_PROBLEM:_ Count how many lines of the material contain the string "spatial", then give that number and nothing more.

_INPUT:_

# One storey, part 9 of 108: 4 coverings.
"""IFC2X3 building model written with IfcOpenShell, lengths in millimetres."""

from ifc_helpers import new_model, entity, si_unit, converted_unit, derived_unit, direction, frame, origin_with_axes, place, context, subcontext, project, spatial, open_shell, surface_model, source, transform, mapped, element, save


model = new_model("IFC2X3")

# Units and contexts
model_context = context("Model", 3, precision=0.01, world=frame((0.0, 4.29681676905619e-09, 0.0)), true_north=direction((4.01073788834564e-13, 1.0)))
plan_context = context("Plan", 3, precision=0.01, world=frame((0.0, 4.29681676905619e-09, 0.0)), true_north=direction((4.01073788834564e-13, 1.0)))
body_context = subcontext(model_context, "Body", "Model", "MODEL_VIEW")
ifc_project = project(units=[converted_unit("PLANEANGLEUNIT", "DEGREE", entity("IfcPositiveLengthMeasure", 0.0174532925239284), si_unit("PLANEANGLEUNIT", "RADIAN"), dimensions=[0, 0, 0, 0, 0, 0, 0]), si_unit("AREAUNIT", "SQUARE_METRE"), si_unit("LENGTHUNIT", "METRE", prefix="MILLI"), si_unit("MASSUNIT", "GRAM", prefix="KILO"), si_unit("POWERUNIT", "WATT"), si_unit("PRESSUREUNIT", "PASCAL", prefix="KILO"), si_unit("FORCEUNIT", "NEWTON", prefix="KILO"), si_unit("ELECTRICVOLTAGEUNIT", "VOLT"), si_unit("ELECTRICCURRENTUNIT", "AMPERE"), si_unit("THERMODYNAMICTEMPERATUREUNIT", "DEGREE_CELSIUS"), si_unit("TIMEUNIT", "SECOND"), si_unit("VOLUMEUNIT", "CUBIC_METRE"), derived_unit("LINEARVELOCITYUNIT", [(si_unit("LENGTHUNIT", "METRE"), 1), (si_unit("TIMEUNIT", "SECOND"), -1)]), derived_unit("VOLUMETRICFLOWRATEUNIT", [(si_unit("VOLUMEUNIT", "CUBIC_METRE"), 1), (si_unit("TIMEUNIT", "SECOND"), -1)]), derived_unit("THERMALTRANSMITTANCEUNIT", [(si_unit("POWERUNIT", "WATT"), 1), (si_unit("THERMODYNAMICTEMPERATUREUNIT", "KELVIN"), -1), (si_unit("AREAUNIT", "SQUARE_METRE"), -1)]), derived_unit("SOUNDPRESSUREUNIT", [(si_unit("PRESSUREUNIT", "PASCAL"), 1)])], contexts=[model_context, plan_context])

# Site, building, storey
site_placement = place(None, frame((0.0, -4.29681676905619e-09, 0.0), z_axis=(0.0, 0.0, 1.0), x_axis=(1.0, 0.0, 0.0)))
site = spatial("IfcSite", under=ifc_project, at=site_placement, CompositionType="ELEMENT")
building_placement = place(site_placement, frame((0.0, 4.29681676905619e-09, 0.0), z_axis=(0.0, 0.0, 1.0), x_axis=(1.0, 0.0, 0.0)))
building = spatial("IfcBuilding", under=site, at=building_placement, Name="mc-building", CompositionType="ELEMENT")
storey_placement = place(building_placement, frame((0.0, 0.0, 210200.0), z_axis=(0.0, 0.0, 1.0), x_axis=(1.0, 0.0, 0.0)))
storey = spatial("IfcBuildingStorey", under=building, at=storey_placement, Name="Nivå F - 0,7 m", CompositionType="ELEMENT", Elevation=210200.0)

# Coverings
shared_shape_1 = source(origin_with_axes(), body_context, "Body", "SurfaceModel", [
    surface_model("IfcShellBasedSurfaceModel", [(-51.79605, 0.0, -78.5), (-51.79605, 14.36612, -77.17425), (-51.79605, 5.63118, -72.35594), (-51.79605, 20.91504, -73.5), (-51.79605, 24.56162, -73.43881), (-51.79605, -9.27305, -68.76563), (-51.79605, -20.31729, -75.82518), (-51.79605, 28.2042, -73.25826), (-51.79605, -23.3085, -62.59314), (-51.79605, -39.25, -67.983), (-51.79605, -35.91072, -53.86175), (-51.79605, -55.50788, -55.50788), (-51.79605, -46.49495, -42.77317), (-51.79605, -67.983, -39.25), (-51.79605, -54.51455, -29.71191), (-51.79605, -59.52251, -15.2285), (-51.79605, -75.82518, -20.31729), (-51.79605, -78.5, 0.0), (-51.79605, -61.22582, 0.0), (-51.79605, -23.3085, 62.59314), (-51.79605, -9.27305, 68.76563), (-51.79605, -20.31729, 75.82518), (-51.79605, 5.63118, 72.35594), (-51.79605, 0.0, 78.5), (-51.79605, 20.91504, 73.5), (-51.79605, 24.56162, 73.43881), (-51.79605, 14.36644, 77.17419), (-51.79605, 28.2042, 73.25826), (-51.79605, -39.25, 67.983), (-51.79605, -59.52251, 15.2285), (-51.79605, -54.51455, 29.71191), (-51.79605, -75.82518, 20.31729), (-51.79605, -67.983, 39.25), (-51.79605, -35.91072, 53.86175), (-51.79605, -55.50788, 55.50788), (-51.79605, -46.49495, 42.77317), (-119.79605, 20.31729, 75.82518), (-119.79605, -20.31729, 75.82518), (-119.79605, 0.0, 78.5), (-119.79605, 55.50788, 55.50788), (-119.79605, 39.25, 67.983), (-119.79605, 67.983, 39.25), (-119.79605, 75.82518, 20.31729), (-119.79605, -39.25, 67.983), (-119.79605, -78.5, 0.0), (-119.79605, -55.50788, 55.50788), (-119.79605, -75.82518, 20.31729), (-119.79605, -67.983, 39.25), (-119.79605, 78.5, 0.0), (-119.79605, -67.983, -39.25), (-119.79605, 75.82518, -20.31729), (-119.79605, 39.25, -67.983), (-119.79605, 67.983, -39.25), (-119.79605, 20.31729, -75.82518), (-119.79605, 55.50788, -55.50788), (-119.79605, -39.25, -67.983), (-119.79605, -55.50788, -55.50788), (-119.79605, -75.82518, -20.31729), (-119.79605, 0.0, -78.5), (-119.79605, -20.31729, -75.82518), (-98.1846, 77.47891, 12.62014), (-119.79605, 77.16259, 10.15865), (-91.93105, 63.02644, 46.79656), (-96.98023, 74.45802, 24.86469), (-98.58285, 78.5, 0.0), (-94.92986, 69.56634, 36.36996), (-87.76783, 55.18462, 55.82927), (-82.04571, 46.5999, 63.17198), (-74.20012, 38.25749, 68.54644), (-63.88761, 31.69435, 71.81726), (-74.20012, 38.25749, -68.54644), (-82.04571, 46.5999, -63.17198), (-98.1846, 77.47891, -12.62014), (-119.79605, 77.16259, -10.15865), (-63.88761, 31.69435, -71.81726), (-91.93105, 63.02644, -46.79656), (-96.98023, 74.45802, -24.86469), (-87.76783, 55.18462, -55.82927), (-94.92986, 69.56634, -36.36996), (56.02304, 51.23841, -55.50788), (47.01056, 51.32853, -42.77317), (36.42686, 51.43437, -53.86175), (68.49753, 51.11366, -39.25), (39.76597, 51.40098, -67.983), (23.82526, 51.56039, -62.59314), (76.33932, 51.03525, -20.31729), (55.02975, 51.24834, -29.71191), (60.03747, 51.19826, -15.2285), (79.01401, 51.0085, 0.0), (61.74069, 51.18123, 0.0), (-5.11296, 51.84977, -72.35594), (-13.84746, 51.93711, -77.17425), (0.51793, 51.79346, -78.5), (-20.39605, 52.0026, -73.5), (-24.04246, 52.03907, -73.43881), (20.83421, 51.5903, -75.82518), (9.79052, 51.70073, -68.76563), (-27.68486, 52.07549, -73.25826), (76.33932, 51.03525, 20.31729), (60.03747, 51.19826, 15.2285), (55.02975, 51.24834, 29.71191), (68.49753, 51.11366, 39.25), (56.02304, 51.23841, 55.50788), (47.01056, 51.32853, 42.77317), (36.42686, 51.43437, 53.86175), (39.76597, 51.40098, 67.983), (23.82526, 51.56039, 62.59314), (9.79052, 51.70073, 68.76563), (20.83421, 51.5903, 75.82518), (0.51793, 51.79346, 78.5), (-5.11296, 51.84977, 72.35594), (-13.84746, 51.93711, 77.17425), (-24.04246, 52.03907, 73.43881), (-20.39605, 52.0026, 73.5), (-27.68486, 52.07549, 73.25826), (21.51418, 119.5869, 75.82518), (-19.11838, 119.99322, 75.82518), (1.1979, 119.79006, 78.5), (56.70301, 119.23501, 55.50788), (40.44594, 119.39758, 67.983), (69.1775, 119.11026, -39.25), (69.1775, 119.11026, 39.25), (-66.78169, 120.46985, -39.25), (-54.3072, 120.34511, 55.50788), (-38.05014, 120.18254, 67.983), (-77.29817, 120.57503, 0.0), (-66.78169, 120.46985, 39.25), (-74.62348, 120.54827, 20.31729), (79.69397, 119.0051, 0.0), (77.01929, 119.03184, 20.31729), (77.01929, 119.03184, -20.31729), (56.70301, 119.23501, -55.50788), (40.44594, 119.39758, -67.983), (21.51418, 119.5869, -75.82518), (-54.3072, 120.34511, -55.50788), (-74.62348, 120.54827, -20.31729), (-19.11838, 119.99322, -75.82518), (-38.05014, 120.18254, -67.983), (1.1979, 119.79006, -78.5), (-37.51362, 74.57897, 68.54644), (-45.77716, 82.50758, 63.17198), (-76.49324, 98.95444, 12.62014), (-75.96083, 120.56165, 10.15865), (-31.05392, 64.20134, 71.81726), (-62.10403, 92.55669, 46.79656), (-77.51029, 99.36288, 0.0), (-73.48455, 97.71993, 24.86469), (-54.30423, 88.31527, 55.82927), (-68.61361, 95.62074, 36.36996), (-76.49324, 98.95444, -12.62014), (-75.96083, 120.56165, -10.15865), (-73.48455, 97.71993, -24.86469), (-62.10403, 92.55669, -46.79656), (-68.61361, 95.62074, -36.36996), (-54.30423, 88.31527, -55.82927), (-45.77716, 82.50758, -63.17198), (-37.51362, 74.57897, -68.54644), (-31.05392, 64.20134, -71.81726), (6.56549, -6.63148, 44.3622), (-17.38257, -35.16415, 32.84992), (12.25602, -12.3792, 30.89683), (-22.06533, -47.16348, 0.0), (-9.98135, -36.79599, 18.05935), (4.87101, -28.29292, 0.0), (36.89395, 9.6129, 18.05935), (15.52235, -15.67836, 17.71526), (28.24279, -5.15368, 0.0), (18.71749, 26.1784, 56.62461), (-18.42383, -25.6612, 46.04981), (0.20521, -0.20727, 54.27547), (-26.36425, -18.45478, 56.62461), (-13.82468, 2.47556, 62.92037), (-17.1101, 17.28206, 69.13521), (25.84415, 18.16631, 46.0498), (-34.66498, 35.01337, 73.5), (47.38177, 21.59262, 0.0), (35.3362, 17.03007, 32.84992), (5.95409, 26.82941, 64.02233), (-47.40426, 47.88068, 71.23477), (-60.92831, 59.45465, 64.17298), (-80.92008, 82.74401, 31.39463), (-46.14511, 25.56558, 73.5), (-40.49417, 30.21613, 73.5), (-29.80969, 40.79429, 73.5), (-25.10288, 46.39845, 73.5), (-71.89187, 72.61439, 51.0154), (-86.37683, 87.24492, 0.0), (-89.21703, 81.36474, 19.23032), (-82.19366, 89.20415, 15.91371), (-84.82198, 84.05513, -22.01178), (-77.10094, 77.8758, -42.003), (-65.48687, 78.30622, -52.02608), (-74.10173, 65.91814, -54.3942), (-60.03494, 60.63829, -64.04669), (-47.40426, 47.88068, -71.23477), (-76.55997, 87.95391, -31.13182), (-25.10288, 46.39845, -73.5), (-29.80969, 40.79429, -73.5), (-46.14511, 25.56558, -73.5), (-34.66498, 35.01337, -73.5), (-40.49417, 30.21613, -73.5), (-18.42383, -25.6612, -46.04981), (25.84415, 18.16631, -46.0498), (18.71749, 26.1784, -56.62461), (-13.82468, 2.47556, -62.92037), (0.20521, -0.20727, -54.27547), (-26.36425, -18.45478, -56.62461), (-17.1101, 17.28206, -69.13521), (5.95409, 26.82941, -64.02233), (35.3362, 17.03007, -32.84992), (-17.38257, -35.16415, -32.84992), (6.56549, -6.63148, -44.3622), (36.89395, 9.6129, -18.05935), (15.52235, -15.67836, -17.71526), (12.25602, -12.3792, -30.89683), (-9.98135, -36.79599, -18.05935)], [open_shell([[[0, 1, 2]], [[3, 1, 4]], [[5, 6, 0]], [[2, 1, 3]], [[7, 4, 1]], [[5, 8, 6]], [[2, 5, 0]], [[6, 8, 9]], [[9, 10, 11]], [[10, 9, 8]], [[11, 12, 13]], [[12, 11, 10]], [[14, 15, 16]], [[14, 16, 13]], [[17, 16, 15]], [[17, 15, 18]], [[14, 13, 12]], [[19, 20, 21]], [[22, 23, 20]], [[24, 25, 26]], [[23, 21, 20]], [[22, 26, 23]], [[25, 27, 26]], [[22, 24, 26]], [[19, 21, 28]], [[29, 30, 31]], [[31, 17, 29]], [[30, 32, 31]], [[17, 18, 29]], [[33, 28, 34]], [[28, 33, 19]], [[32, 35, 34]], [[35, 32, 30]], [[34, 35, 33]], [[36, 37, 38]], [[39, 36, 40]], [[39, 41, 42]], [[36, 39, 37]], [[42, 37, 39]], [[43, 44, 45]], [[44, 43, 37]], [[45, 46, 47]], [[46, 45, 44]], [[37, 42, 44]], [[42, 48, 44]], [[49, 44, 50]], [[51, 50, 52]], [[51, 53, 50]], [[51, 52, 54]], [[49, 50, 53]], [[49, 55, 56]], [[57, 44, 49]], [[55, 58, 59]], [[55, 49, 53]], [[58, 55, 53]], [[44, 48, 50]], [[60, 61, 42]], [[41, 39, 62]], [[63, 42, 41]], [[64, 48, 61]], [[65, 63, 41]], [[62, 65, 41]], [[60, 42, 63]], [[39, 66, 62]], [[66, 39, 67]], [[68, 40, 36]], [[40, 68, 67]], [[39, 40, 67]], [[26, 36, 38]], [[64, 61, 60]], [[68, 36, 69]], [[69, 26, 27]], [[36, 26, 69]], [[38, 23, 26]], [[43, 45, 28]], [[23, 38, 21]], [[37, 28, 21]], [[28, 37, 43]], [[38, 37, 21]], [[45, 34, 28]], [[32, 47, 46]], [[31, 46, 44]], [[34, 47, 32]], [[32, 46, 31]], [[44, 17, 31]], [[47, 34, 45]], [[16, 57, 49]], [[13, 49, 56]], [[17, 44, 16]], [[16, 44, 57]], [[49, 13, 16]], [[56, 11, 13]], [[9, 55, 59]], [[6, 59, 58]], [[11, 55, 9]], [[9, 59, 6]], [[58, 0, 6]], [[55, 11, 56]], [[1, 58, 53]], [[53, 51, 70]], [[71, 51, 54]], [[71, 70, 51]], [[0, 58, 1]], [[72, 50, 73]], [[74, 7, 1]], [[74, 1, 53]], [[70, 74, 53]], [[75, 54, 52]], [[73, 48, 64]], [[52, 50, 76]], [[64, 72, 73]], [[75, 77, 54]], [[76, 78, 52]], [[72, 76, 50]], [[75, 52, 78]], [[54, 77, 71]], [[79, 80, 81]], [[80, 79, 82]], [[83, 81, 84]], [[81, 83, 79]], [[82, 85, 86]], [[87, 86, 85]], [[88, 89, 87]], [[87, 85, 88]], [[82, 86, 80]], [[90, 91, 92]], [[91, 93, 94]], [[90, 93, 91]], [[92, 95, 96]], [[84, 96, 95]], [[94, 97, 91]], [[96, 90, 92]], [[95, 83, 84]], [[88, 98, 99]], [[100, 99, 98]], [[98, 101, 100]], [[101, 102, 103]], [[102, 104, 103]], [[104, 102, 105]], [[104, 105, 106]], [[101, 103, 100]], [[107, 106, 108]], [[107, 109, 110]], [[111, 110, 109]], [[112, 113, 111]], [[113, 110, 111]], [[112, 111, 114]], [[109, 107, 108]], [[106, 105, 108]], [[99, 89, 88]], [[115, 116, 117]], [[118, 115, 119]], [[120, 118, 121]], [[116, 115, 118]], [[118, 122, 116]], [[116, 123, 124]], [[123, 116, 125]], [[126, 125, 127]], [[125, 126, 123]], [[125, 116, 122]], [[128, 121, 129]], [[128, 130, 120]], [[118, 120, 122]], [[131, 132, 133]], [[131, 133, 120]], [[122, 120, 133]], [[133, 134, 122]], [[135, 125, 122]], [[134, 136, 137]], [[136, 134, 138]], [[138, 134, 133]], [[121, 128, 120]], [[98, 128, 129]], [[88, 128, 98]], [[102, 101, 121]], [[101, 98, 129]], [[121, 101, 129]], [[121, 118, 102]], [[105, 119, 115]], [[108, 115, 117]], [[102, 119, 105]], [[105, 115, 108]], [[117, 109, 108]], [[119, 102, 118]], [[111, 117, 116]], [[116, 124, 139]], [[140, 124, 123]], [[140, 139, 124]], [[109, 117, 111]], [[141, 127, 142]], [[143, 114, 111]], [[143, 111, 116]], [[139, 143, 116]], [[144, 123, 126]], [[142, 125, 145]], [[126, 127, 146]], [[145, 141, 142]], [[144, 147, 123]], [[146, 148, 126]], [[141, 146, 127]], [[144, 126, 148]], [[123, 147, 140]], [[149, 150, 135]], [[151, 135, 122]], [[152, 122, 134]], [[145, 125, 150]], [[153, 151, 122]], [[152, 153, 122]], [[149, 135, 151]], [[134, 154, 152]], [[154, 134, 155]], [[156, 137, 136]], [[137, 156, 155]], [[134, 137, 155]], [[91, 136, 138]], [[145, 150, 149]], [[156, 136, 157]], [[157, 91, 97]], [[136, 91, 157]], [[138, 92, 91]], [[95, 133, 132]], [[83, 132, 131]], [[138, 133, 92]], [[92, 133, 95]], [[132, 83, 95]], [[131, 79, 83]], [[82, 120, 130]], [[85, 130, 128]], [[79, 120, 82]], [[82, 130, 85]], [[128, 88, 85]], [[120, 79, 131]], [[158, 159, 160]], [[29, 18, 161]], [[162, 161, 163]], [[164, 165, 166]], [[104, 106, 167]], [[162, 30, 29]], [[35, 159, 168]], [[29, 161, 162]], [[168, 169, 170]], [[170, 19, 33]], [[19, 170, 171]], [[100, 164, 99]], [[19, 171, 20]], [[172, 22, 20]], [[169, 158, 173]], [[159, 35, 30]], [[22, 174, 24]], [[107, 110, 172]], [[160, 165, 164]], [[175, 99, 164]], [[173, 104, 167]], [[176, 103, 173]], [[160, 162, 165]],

_YOUR RESPONSE:_ 4